──────── Information provided
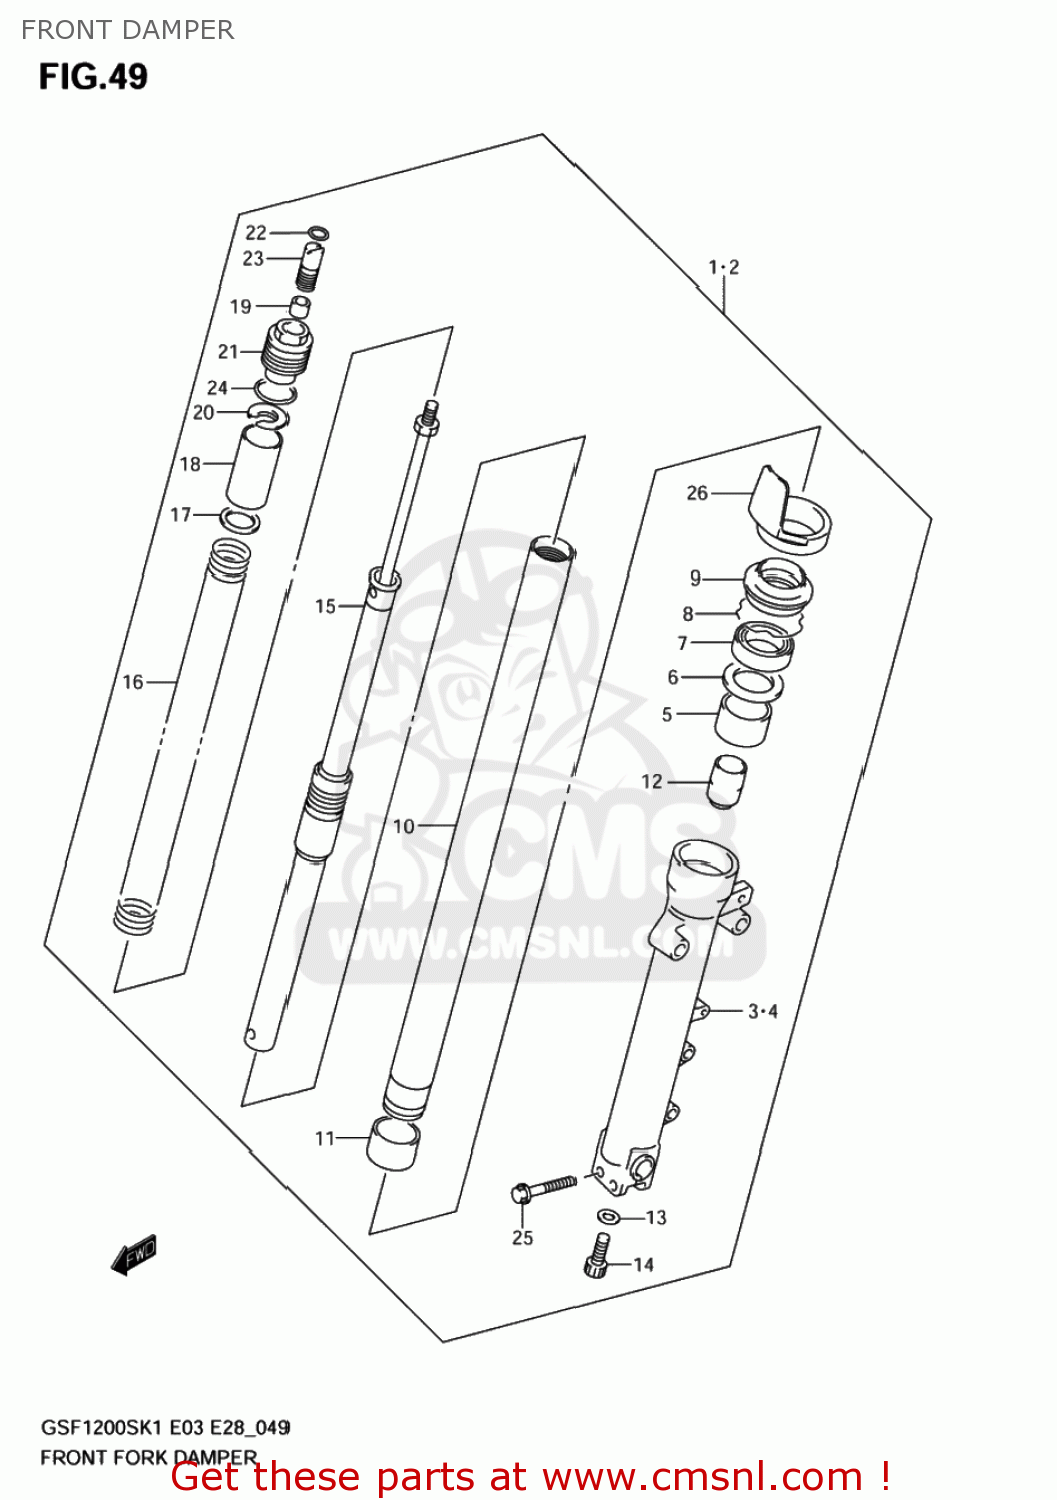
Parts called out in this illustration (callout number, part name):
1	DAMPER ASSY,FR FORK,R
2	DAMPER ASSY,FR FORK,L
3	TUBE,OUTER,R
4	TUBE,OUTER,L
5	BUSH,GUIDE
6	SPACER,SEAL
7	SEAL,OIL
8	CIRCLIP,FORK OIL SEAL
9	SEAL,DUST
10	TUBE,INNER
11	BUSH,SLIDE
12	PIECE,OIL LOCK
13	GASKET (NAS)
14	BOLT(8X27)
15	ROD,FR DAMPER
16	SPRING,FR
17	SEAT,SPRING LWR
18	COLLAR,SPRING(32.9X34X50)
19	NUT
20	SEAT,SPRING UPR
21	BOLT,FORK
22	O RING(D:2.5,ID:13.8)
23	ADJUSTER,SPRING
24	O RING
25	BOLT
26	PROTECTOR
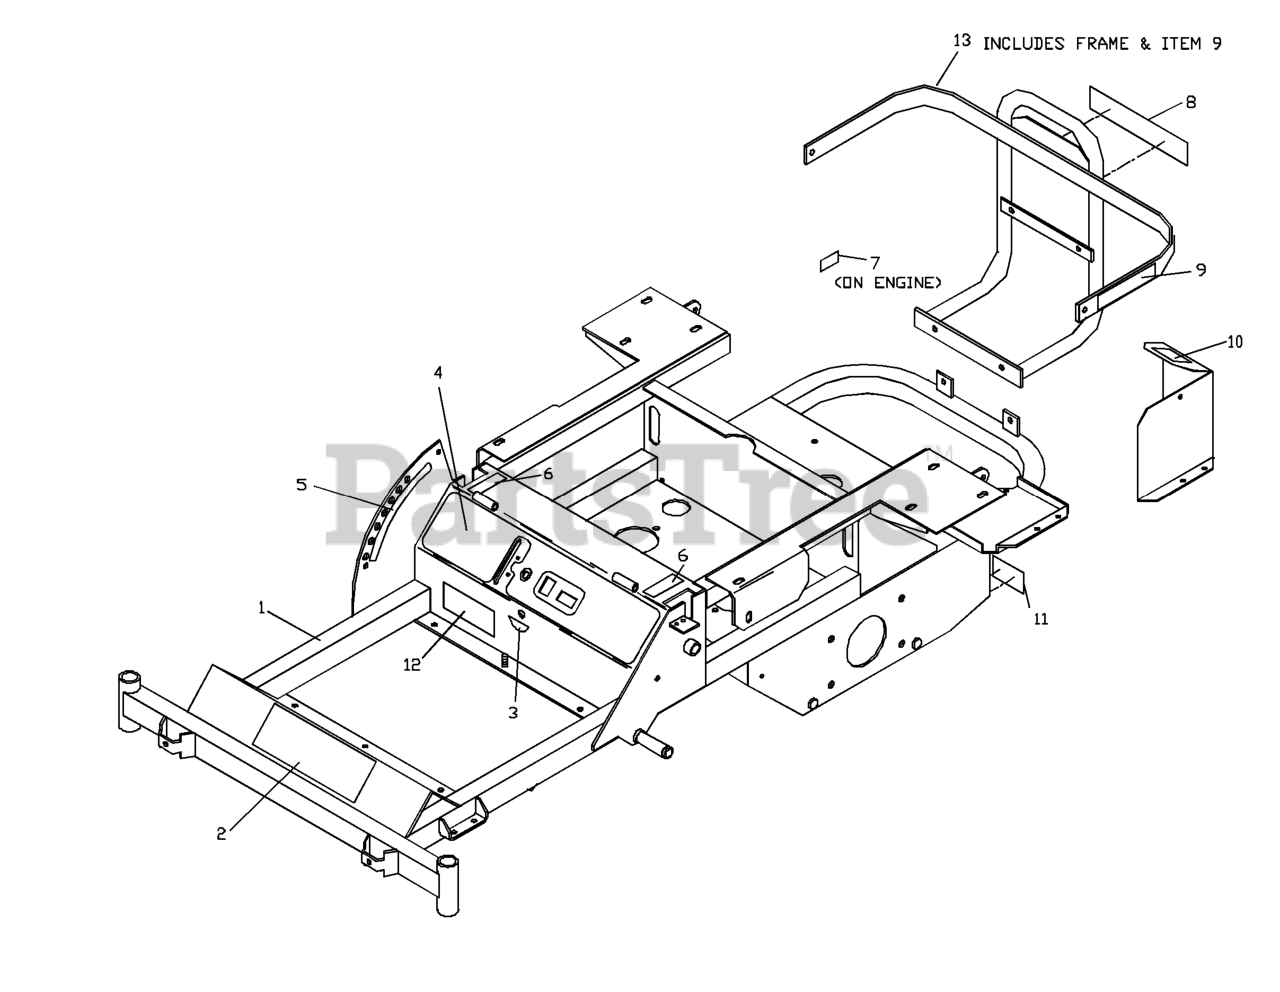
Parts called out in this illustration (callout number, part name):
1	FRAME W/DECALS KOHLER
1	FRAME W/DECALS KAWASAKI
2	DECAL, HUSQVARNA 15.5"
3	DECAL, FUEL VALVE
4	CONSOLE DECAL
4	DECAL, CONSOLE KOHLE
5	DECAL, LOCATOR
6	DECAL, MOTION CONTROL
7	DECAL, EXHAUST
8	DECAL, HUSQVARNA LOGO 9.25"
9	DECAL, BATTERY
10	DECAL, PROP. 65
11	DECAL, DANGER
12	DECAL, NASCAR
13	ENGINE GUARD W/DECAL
────────────────
■ **Instructions to follow**
Repeat the material above in full and unchanged, minus its images.

■ **Solved exercise**
Parts called out in this illustration (callout number, part name):
1	DAMPER ASSY,FR FORK,R
2	DAMPER ASSY,FR FORK,L
3	TUBE,OUTER,R
4	TUBE,OUTER,L
5	BUSH,GUIDE
6	SPACER,SEAL
7	SEAL,OIL
8	CIRCLIP,FORK OIL SEAL
9	SEAL,DUST
10	TUBE,INNER
11	BUSH,SLIDE
12	PIECE,OIL LOCK
13	GASKET (NAS)
14	BOLT(8X27)
15	ROD,FR DAMPER
16	SPRING,FR
17	SEAT,SPRING LWR
18	COLLAR,SPRING(32.9X34X50)
19	NUT
20	SEAT,SPRING UPR
21	BOLT,FORK
22	O RING(D:2.5,ID:13.8)
23	ADJUSTER,SPRING
24	O RING
25	BOLT
26	PROTECTOR
Parts called out in this illustration (callout number, part name):
1	FRAME W/DECALS KOHLER
1	FRAME W/DECALS KAWASAKI
2	DECAL, HUSQVARNA 15.5"
3	DECAL, FUEL VALVE
4	CONSOLE DECAL
4	DECAL, CONSOLE KOHLE
5	DECAL, LOCATOR
6	DECAL, MOTION CONTROL
7	DECAL, EXHAUST
8	DECAL, HUSQVARNA LOGO 9.25"
9	DECAL, BATTERY
10	DECAL, PROP. 65
11	DECAL, DANGER
12	DECAL, NASCAR
13	ENGINE GUARD W/DECAL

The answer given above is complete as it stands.